From a1f70ce7d0cd29deb6bbb73a2586042642e38f03 Mon Sep 17 00:00:00 2001
From: qazal <77887910+Qazalin@users.noreply.github.com>
Date: Wed, 15 Jan 2025 12:34:15 -0500
Subject: [PATCH] only use BUFFER_VIEW in disk [pr] (#8629)

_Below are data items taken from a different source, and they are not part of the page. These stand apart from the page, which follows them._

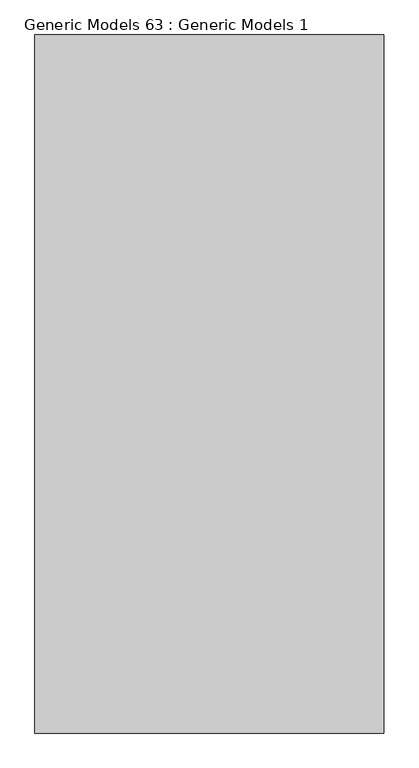
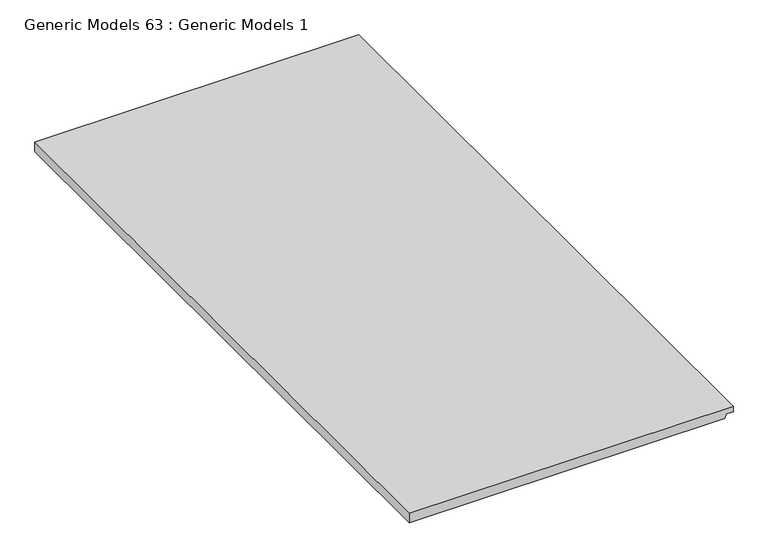
"""IFC4 building model written with IfcOpenShell, lengths in millimetres: proxy geometry, Generic Models 63 : Generic Models 1."""

from ifc_helpers import new_model, si_unit, frame, origin, place, context, project, spatial, polyline, outline, extrude, source, transform, mapped, element, save


def generic_models_63_generic_models_1_24b688b4(model_context):
    return source(origin(), model_context, "Body", "SweptSolid", [
        extrude(outline(polyline([(2253.330428, 51977.6676133), (2253.330428, 51368.0676133), (2234.280428, 51368.0676133), (2234.280428, 51962.0785996), (2242.217928, 51964.9676133), (2242.217928, 51977.6676133), (2253.330428, 51977.6676133)])), frame((0.0, 0.0, 0.0), z_axis=(0.0, 1.0, 0.0), x_axis=(0.0, 0.0, 1.0)), (0.0, 0.0, 1.0), 1219.2),
    ])


if __name__ == "__main__":
    model = new_model("IFC4")
    model_context = context("Model", 3, world=origin())
    ifc_project = project(units=[si_unit("LENGTHUNIT", "METRE", prefix="MILLI")], contexts=[model_context])
    site = spatial("IfcSite", under=ifc_project)
    building = spatial("IfcBuilding", under=site)
    placement = place(None, origin())
    generic_models_63_generic_models_1_shape = generic_models_63_generic_models_1_24b688b4(model_context)
    element("IfcBuildingElementProxy", 1, Name="Generic Models 63 : Generic Models 1", ObjectType="Generic Models 63 : Generic Models 1", at=placement, inside=building, context=model_context, shape_type="MappedRepresentation", body=[
        mapped(generic_models_63_generic_models_1_shape, transform((0.0, 0.0, 0.0), x_axis=(1.0, 0.0, 0.0), y_axis=(0.0, 1.0, 0.0), z_axis=(0.0, 0.0, 1.0))),
    ])
    save(model, "model.ifc")

# Revit data of these elements
# Element 1 (IfcBuildingElementProxy, "Generic Models 63 : Generic Models 1")
#   Materials on its faces: "CEILING AS SCHEDULED"
# Materials
#   "CEILING AS SCHEDULED": class "Generic", colour RGB 255 255 255, transparency 0, Cost = 0

* only use BUFFER_VIEW in disk [pr]

* delete can_view

* BUFFER_VIEW op on DISK

* remove that allow_buffer_view=False

* notes

* bitcast is a low-level op too

* this passes on AMD and LLVM
---
 test/test_schedule.py   |  5 +++--
 test/test_setitem.py    | 10 ++--------
 test/test_tensor_uop.py |  3 +--
 tinygrad/ops.py         | 13 +++++++------
 tinygrad/tensor.py      |  2 +-
 5 files changed, 14 insertions(+), 19 deletions(-)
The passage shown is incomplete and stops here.